Agostini, not only for the authority of his triumphs on the track, must be given the credit for having shaken in all its structure that static motorcycling that carried on living on its laurels, experienced by most as a loop-the-death sport, unable to open up. to a new world. Agostini was the prototype of the professional-runner, of the character-runner, forerunner of the star-runner then interpreted – with sublime touches but not without discord – by Rossi.
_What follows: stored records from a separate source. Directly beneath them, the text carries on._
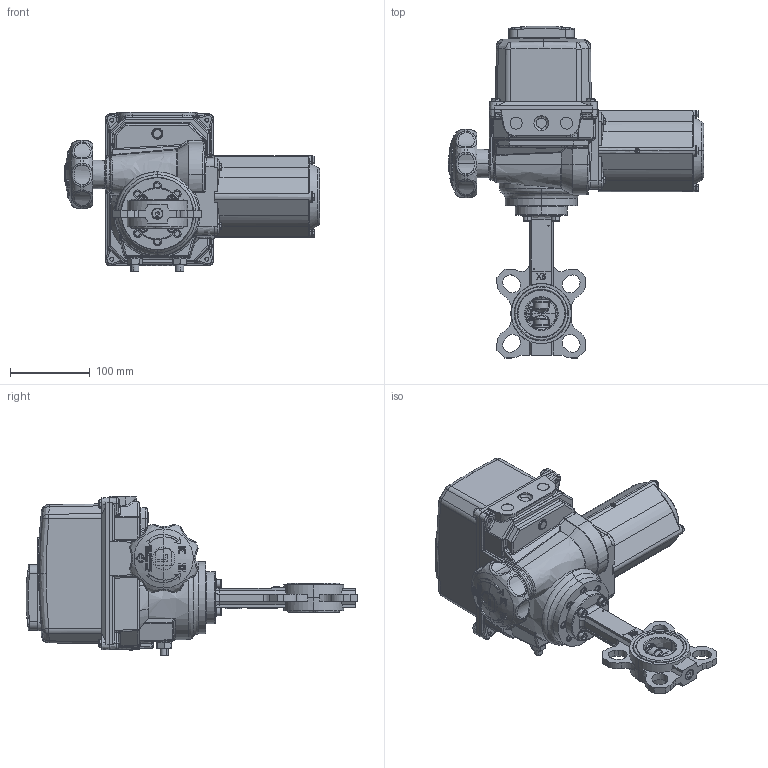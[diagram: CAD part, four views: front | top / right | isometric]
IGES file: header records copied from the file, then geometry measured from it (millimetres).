
Start section: SolidWorks IGES file using NURBS representation for surfaces
Global section: file name: H:\BE BIBLIOTHEQUE 3D\Projet_Biblio3D_2016\FSK\VPI\VPI-B04\VPI-B04 DN40.Igs; native system: SolidWorks 2014; preprocessor: SolidWorks 2014; author: a.cartier; date: 160929.163844; units: millimetre
Bounding box: 319.25 x 415.2 x 199.8 mm (x, y, z)
Volume: 5163663.5 mm3; surface area: 307062.1 mm2
Topology: 14 solids, 14 shells, 2799 faces, 7293 edges, 4563 vertices
Faces by surface type: bspline 2799

In short, the pilots and the races, even the great pilots and the great races, alone are not enough to keep the quality and show booth up. On the other hand, motorcycling with the motorbike carried on the circuit on the open trolley of the car in the logic of the “few but good” is an illusion that would make the races marginal, until extinction. Motorcycling has its own rules: sport of technique, show and risk and has its own culture linked to the past that cannot be erased but cannot simply repeat itself by basking in amarcord. It is not that returning to poorer motorcycling, focused on “private” riders and technically “simple” motorcycles, we have better motorcycling (the private riders of the Continental Circus had a passion for racing but all aspired to become official riders on Grand Prix bikes and the champions have become) because racing, if anything, must anticipate the new, the tomorrow, coherently with the world that turns. That romantic motorcycling of days of glory and tragedies is part of memory but cannot be reproduced today where, in addition to top professionalism, business dominates which – yes – must not be an end in itself. The mythical Continental Circus of passions and also of mourning must be kept alive in memory but delivered to history, in full respect of the “private racer”, a dark giant protagonist of motorcycling-legend, almost a quixotic hero with his wife and children always in tow. a trip from circuit to circuit, today unthinkable in a dazzling world championship which still remains the most prestigious outlet and theater of an unchanged passion.